Da du eine andere Maus hast, probier doch auch mal mit diesen Optionen rum - dazu psmouse als Modul kompilieren.

Ich probiers jetzt mal mit nem vanilla 2.6.9

----------

## Chefpampel

mit dem 2.6.9 gehts auch nicht an der KVM - aber wie gehabt ohne gehts...

Immerhin sind ein paar andere Probleme mit dem 2.6.8-r8 weg... yiipiee

----------

## obmib

Hi,

es hilft alles nichts, auch deine Optionen wollen nicht wirklich. Danke trotzdem für die Vorschläge. Da ich auch die gentoo-dev-sources nutze werde ich es wohl jetzt mal mit den vanilla kernel versuchen und das Ergebniss posten.

Schönen Gruß

----------

## body_and_soul

Hallo.

das Problem mit dem KVM hatte ich auch.

Einfach in Grub die Zeile "psmouse.proto=imps" hinzufügen dann klappt es auch mit der Maus.

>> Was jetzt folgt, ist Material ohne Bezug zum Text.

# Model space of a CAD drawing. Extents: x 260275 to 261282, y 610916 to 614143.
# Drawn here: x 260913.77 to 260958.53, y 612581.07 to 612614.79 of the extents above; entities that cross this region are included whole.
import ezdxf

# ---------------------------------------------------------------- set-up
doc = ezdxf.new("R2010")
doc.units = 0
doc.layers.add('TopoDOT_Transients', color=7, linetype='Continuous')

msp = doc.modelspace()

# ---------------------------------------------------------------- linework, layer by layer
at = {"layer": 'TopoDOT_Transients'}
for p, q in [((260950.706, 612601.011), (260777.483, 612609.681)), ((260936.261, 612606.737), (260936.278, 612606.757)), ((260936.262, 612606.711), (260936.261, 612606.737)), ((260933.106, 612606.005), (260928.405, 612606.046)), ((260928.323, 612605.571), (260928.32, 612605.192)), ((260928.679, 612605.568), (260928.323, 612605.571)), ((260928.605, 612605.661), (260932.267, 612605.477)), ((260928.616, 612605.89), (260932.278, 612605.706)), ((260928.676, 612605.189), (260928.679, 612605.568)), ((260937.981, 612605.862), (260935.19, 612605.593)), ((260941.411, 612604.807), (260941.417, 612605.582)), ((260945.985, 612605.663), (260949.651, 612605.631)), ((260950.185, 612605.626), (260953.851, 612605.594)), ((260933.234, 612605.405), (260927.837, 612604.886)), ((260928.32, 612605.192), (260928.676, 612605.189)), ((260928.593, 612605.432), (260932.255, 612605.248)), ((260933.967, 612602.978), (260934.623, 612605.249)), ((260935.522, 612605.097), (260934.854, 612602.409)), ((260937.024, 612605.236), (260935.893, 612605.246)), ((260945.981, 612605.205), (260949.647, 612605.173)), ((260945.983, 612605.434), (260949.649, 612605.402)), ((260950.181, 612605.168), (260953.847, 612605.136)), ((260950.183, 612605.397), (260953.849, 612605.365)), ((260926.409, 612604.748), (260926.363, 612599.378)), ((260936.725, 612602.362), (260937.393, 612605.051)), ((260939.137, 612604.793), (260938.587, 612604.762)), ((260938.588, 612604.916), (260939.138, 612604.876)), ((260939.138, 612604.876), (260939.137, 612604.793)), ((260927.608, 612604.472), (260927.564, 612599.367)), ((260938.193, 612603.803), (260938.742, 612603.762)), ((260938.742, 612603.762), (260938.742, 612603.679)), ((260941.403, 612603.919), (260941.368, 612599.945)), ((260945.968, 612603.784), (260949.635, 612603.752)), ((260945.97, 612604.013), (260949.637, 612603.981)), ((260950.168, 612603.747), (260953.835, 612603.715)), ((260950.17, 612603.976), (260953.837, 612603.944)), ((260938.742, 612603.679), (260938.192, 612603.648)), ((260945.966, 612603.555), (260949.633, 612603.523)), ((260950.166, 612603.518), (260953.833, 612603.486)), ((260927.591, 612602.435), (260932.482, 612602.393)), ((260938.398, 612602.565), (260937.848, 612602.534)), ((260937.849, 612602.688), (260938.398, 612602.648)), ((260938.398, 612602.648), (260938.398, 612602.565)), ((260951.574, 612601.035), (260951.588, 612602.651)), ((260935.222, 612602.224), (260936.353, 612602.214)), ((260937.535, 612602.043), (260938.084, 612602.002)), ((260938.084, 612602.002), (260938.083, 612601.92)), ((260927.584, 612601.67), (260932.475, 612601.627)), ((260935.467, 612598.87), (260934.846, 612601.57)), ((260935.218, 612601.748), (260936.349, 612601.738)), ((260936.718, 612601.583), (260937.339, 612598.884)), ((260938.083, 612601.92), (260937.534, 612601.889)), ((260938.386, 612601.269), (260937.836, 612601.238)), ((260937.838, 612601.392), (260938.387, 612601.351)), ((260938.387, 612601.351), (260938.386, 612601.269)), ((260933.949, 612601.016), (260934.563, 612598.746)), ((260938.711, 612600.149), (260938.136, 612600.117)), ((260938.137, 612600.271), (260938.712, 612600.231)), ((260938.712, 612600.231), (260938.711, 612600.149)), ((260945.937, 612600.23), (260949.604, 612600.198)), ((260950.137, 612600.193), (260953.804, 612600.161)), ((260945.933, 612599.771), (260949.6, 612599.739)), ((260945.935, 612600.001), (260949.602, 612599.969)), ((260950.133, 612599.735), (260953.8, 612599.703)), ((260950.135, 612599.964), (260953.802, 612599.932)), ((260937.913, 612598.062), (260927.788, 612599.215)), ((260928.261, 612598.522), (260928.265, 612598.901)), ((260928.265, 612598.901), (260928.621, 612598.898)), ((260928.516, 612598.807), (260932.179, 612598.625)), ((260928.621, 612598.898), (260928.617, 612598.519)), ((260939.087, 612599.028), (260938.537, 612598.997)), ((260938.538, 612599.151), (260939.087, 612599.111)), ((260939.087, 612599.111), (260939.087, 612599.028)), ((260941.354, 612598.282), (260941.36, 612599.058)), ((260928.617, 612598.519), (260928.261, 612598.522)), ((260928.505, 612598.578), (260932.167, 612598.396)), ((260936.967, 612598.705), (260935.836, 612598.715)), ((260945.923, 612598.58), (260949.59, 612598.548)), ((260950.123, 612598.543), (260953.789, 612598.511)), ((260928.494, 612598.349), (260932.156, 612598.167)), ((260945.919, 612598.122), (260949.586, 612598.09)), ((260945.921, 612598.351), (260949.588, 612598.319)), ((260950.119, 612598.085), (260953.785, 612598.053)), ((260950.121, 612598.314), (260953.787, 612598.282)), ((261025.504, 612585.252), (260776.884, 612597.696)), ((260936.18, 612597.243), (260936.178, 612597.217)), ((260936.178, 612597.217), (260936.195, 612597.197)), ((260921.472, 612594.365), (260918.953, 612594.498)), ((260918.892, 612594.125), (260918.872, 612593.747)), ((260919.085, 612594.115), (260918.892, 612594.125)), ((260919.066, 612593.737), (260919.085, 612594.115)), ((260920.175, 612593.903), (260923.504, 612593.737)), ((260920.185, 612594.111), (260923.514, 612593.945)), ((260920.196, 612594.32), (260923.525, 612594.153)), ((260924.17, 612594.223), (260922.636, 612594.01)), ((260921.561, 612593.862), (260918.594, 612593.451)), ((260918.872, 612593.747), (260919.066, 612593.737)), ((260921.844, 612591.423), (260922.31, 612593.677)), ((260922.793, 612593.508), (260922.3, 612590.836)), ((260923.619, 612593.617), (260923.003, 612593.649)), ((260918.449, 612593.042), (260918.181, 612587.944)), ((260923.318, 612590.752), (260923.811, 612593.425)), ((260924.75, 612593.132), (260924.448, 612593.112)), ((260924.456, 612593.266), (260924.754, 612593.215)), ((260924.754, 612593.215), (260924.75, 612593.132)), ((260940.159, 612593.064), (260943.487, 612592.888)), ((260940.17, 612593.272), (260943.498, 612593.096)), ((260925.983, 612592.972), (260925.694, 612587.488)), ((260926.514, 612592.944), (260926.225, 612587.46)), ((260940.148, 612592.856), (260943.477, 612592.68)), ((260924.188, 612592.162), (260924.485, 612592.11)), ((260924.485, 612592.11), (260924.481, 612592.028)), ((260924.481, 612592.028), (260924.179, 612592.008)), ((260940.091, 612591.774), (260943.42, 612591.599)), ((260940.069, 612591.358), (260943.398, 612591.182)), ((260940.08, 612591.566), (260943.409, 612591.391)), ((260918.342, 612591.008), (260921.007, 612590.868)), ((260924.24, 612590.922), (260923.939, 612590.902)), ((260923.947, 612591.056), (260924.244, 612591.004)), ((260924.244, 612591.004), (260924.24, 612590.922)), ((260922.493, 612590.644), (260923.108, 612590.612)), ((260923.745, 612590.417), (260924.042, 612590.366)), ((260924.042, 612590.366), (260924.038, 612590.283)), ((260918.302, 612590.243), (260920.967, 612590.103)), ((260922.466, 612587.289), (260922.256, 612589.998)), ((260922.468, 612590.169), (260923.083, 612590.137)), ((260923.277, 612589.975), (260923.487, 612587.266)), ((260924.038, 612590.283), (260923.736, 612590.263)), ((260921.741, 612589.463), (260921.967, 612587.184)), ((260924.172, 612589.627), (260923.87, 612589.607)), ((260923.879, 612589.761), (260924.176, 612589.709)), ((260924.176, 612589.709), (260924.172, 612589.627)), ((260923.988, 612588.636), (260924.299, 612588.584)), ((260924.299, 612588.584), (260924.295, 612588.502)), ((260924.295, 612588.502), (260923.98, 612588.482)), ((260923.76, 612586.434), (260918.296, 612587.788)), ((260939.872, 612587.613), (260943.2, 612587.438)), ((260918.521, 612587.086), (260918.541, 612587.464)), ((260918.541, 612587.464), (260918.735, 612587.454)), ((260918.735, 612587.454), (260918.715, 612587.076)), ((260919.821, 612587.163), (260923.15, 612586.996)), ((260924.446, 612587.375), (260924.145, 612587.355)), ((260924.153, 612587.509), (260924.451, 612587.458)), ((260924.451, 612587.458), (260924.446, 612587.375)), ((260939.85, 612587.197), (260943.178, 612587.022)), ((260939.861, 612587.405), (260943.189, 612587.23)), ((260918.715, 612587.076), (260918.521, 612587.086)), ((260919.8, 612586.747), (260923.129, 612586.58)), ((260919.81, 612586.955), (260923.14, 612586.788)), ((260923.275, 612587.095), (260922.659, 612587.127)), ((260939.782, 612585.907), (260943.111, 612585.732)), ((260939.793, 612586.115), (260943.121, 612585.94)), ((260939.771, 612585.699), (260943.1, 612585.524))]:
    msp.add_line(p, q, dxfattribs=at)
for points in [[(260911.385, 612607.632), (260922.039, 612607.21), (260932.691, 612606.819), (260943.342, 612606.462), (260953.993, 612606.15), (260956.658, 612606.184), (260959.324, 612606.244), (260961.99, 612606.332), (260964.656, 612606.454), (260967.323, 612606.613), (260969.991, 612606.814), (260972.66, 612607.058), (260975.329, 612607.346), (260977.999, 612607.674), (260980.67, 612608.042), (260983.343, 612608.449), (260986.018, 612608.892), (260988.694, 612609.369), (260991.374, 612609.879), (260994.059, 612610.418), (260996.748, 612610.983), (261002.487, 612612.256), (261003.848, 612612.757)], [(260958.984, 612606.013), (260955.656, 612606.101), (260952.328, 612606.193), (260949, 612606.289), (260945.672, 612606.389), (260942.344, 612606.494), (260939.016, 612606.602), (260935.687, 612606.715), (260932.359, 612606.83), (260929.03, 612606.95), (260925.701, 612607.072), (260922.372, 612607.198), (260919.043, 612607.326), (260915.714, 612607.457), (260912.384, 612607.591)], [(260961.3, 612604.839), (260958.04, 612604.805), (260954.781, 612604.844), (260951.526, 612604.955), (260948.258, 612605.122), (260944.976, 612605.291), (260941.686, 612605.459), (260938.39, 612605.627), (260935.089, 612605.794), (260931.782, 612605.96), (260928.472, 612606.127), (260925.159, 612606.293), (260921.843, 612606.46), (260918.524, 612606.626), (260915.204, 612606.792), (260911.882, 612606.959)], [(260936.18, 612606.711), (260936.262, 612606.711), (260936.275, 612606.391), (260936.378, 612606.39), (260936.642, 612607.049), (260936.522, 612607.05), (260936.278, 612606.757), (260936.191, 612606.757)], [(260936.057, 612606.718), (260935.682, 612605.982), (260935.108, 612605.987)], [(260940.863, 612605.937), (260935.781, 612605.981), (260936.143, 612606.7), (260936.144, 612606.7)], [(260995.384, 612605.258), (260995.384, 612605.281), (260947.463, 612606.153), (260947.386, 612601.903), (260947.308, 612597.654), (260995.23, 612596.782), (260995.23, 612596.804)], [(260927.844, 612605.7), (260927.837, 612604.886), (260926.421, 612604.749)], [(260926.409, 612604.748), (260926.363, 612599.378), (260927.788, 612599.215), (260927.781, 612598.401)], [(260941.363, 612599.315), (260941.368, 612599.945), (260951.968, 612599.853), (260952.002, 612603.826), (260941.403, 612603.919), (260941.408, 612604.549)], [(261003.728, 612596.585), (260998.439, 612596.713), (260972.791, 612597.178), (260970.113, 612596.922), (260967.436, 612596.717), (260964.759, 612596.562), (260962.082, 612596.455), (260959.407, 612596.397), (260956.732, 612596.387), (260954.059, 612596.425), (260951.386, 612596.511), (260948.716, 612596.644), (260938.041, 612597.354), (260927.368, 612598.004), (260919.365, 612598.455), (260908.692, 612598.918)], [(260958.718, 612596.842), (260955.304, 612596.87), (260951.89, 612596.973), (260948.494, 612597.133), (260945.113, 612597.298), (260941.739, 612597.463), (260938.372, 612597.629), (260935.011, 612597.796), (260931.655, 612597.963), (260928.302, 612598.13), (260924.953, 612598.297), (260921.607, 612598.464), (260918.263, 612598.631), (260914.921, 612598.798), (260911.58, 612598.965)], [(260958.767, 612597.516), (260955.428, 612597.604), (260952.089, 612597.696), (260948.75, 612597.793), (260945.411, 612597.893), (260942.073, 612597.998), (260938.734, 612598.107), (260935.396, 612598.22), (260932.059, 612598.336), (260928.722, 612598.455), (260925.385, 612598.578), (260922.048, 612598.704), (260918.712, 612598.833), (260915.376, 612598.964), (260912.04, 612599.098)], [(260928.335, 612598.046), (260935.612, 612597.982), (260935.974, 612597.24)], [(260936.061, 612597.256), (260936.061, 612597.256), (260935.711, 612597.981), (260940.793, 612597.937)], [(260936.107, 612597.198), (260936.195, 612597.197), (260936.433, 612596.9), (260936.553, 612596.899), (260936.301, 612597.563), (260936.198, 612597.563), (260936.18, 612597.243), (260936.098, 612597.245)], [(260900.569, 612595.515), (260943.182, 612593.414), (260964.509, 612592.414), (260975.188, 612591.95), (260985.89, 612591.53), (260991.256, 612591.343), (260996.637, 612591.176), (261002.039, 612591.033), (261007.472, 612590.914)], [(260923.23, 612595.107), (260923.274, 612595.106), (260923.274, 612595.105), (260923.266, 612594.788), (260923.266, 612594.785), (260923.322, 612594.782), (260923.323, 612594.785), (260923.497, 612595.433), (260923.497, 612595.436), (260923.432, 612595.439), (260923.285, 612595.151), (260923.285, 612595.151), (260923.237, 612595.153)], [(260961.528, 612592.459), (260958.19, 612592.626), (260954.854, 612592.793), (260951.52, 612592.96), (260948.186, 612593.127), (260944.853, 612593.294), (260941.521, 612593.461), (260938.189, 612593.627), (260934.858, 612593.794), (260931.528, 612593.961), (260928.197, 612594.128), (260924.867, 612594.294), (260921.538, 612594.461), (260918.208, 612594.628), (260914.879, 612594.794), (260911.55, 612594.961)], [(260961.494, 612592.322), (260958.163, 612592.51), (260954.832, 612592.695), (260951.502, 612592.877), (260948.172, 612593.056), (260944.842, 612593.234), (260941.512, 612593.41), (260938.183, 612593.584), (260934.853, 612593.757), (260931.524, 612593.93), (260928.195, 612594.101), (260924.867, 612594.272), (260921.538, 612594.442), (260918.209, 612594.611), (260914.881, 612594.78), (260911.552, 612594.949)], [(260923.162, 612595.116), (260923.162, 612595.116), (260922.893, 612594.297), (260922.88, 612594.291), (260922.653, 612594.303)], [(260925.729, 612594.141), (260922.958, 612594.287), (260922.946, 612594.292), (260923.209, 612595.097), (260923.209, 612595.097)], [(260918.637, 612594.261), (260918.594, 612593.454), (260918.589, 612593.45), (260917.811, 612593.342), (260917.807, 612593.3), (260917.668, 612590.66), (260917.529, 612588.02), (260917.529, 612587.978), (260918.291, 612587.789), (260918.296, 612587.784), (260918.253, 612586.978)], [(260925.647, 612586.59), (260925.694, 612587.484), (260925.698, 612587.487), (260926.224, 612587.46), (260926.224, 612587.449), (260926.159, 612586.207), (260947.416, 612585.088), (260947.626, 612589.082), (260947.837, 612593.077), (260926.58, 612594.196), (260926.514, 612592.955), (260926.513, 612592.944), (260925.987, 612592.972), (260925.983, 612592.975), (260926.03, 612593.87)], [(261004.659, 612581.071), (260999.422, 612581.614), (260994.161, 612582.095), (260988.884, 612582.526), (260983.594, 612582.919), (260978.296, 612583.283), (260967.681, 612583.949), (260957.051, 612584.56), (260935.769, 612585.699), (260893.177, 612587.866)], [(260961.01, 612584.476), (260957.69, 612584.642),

Das hat mich damals auch einiges an Zeit gekostet bis ich gemerkt habe das der KVM dafür verantwortlich ist.

Gruß Norbert

----------

## Chefpampel

die Boot-Option sollte aber dasselbe sein wie ein modprobe psmouse proto=imps - das hat bei mir leider gar nicht geklappt! naja, vielleicht ist auch die KVM einfach zu exotisch...

----------

## body_and_soul

Hallo,

 *Quote:*   

> die Boot-Option sollte aber dasselbe sein wie ein modprobe psmouse proto=imps - das hat bei mir leider gar nicht geklappt! naja, vielleicht ist auch die KVM einfach zu exotisch...

 

Sollte eigendlich, aber ging bei mir auch erst als ich die Zeile in Grub hinzugefügt habe.

Gruß Norbert

----------